** Information shown follows **
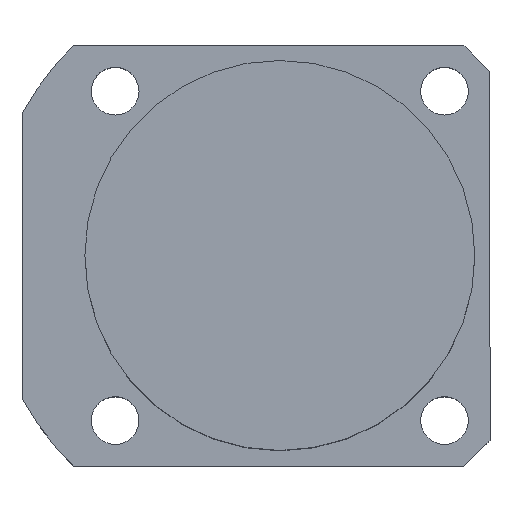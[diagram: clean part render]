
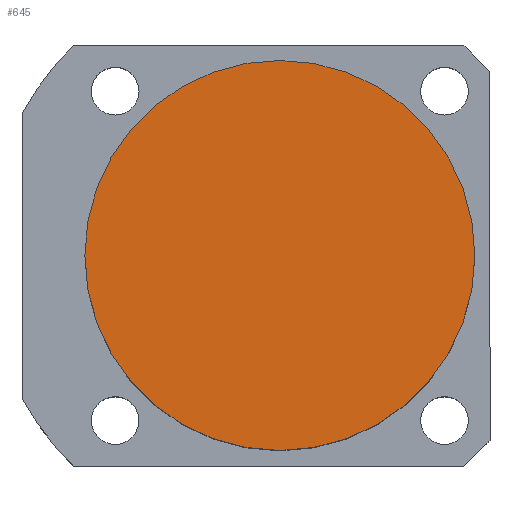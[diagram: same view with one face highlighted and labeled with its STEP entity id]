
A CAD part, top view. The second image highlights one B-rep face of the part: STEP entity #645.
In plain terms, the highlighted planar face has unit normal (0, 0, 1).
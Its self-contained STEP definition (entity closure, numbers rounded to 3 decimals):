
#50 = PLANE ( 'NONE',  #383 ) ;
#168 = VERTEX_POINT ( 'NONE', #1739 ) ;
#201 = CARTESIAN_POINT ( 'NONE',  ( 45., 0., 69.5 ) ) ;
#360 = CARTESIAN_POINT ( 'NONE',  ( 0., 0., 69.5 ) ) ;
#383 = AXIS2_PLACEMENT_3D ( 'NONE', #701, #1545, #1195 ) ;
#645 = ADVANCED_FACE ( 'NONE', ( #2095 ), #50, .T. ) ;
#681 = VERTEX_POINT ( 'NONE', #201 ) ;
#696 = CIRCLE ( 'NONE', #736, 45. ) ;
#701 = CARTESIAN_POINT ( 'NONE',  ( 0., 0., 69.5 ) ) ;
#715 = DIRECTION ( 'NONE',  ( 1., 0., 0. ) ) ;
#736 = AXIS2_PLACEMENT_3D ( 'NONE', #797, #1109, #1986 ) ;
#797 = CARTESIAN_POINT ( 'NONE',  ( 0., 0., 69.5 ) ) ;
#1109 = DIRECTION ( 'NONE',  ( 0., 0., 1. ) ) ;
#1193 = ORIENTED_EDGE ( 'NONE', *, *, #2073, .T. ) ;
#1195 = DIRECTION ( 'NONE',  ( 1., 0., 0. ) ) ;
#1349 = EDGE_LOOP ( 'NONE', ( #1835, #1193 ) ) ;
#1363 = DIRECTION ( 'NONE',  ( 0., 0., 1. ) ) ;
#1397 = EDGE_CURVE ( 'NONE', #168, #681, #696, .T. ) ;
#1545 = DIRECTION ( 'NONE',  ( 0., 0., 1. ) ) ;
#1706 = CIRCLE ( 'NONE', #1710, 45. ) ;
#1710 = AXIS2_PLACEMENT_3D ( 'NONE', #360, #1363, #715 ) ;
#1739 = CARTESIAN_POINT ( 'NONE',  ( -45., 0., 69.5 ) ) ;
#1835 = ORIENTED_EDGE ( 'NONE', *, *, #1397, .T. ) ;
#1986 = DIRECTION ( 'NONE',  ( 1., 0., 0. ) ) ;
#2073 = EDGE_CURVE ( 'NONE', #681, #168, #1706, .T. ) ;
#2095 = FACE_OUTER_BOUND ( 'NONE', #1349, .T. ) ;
** End of Information shown **
The entries are to be printed exactly as written; the pictures are to be left out.

Problem solution:
[diagram: clean part render]
[diagram: same view with one face highlighted and labeled with its STEP entity id]
A CAD part, top view. The second image highlights one B-rep face of the part: STEP entity #645.
In plain terms, the highlighted planar face has unit normal (0, 0, 1).
Its self-contained STEP definition (entity closure, numbers rounded to 3 decimals):
#50 = PLANE ( 'NONE',  #383 ) ;
#168 = VERTEX_POINT ( 'NONE', #1739 ) ;
#201 = CARTESIAN_POINT ( 'NONE',  ( 45., 0., 69.5 ) ) ;
#360 = CARTESIAN_POINT ( 'NONE',  ( 0., 0., 69.5 ) ) ;
#383 = AXIS2_PLACEMENT_3D ( 'NONE', #701, #1545, #1195 ) ;
#645 = ADVANCED_FACE ( 'NONE', ( #2095 ), #50, .T. ) ;
#681 = VERTEX_POINT ( 'NONE', #201 ) ;
#696 = CIRCLE ( 'NONE', #736, 45. ) ;
#701 = CARTESIAN_POINT ( 'NONE',  ( 0., 0., 69.5 ) ) ;
#715 = DIRECTION ( 'NONE',  ( 1., 0., 0. ) ) ;
#736 = AXIS2_PLACEMENT_3D ( 'NONE', #797, #1109, #1986 ) ;
#797 = CARTESIAN_POINT ( 'NONE',  ( 0., 0., 69.5 ) ) ;
#1109 = DIRECTION ( 'NONE',  ( 0., 0., 1. ) ) ;
#1193 = ORIENTED_EDGE ( 'NONE', *, *, #2073, .T. ) ;
#1195 = DIRECTION ( 'NONE',  ( 1., 0., 0. ) ) ;
#1349 = EDGE_LOOP ( 'NONE', ( #1835, #1193 ) ) ;
#1363 = DIRECTION ( 'NONE',  ( 0., 0., 1. ) ) ;
#1397 = EDGE_CURVE ( 'NONE', #168, #681, #696, .T. ) ;
#1545 = DIRECTION ( 'NONE',  ( 0., 0., 1. ) ) ;
#1706 = CIRCLE ( 'NONE', #1710, 45. ) ;
#1710 = AXIS2_PLACEMENT_3D ( 'NONE', #360, #1363, #715 ) ;
#1739 = CARTESIAN_POINT ( 'NONE',  ( -45., 0., 69.5 ) ) ;
#1835 = ORIENTED_EDGE ( 'NONE', *, *, #1397, .T. ) ;
#1986 = DIRECTION ( 'NONE',  ( 1., 0., 0. ) ) ;
#2073 = EDGE_CURVE ( 'NONE', #681, #168, #1706, .T. ) ;
#2095 = FACE_OUTER_BOUND ( 'NONE', #1349, .T. ) ;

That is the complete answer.